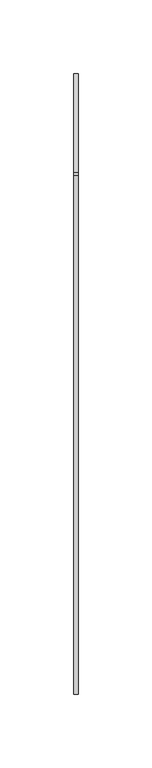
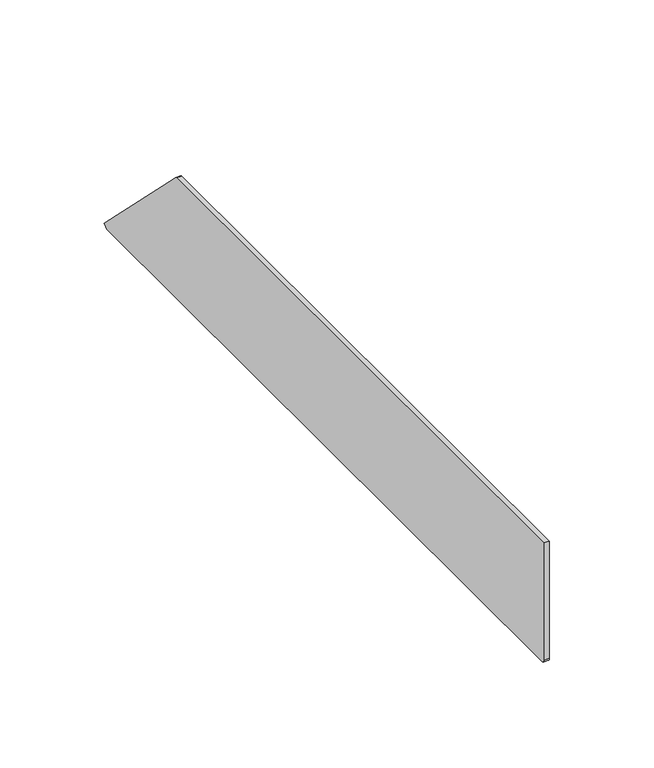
"""IFC4 building model written with IfcOpenShell, lengths in millimetres: cable carrier fitting geometry, Electrical_Installation_Hager_End-Piece : Electrical_Installation_Hager_End-Piece."""

from ifc_helpers import new_model, si_unit, point, frame, frame_2d, origin, place, context, project, spatial, polyline, circle_curve, trimmed, segment, composite_curve, outline, extrude, source, transform, mapped, element, save


def cable_carrier_fitting_a1d8f8d7(model_context):
    return source(origin(), model_context, "Body", "SweptSolid", [
        extrude(outline(composite_curve([segment(polyline([(-175.0, -33.0), (-175.0, 35.5), (176.7124549, 35.5)]), True, "CONTINUOUS"), segment(trimmed(circle_curve(frame_2d((175.5004738, 31.6648514)), 4.0220969), [point((176.7124549, 35.5))], [point((178.5142136, 34.3284271))], False, "CARTESIAN"), True, "CONTINUOUS"), segment(polyline([(178.5142136, 34.3284271), (245.7213203, -32.8786797), (243.6, -35.0), (-173.0, -35.0)]), True, "CONTINUOUS"), segment(trimmed(circle_curve(frame_2d((-173.0, -33.0)), 2.0), [point((-173.0, -35.0))], [point((-175.0, -33.0))], False, "CARTESIAN"), True, "CONTINUOUS")], self_intersect=False)), frame((0.0, 0.0, 0.0), z_axis=(1.0, 0.0, 0.0), x_axis=(0.0, 1.0, 0.0)), (0.0, 0.0, 1.0), 3.0),
    ])


if __name__ == "__main__":
    model = new_model("IFC4")
    model_context = context("Model", 3, world=origin())
    ifc_project = project(units=[si_unit("LENGTHUNIT", "METRE", prefix="MILLI")], contexts=[model_context])
    site = spatial("IfcSite", under=ifc_project)
    building = spatial("IfcBuilding", under=site)
    placement = place(None, origin())
    cable_carrier_fitting_shape = cable_carrier_fitting_a1d8f8d7(model_context)
    element("IfcCableCarrierFitting", 1, ObjectType="Electrical_Installation_Hager_End-Piece : Electrical_Installation_Hager_End-Piece", at=placement, inside=building, context=model_context, shape_type="MappedRepresentation", body=[
        mapped(cable_carrier_fitting_shape, transform((0.0, 0.0, 0.0), x_axis=(1.0, 0.0, 0.0), y_axis=(0.0, 1.0, 0.0), z_axis=(0.0, 0.0, 1.0))),
    ])
    save(model, "model.ifc")

WHAT THIS TASK INVOLVES. From the line holding "from ifc_helpers import" to the final line of the data, repeat every line exactly. Leave out all the rest.

EXPECTED ANSWER.
from ifc_helpers import new_model, si_unit, point, frame, frame_2d, origin, place, context, project, spatial, polyline, circle_curve, trimmed, segment, composite_curve, outline, extrude, source, transform, mapped, element, save


def cable_carrier_fitting_a1d8f8d7(model_context):
    return source(origin(), model_context, "Body", "SweptSolid", [
        extrude(outline(composite_curve([segment(polyline([(-175.0, -33.0), (-175.0, 35.5), (176.7124549, 35.5)]), True, "CONTINUOUS"), segment(trimmed(circle_curve(frame_2d((175.5004738, 31.6648514)), 4.0220969), [point((176.7124549, 35.5))], [point((178.5142136, 34.3284271))], False, "CARTESIAN"), True, "CONTINUOUS"), segment(polyline([(178.5142136, 34.3284271), (245.7213203, -32.8786797), (243.6, -35.0), (-173.0, -35.0)]), True, "CONTINUOUS"), segment(trimmed(circle_curve(frame_2d((-173.0, -33.0)), 2.0), [point((-173.0, -35.0))], [point((-175.0, -33.0))], False, "CARTESIAN"), True, "CONTINUOUS")], self_intersect=False)), frame((0.0, 0.0, 0.0), z_axis=(1.0, 0.0, 0.0), x_axis=(0.0, 1.0, 0.0)), (0.0, 0.0, 1.0), 3.0),
    ])


if __name__ == "__main__":
    model = new_model("IFC4")
    model_context = context("Model", 3, world=origin())
    ifc_project = project(units=[si_unit("LENGTHUNIT", "METRE", prefix="MILLI")], contexts=[model_context])
    site = spatial("IfcSite", under=ifc_project)
    building = spatial("IfcBuilding", under=site)
    placement = place(None, origin())
    cable_carrier_fitting_shape = cable_carrier_fitting_a1d8f8d7(model_context)
    element("IfcCableCarrierFitting", 1, ObjectType="Electrical_Installation_Hager_End-Piece : Electrical_Installation_Hager_End-Piece", at=placement, inside=building, context=model_context, shape_type="MappedRepresentation", body=[
        mapped(cable_carrier_fitting_shape, transform((0.0, 0.0, 0.0), x_axis=(1.0, 0.0, 0.0), y_axis=(0.0, 1.0, 0.0), z_axis=(0.0, 0.0, 1.0))),
    ])
    save(model, "model.ifc")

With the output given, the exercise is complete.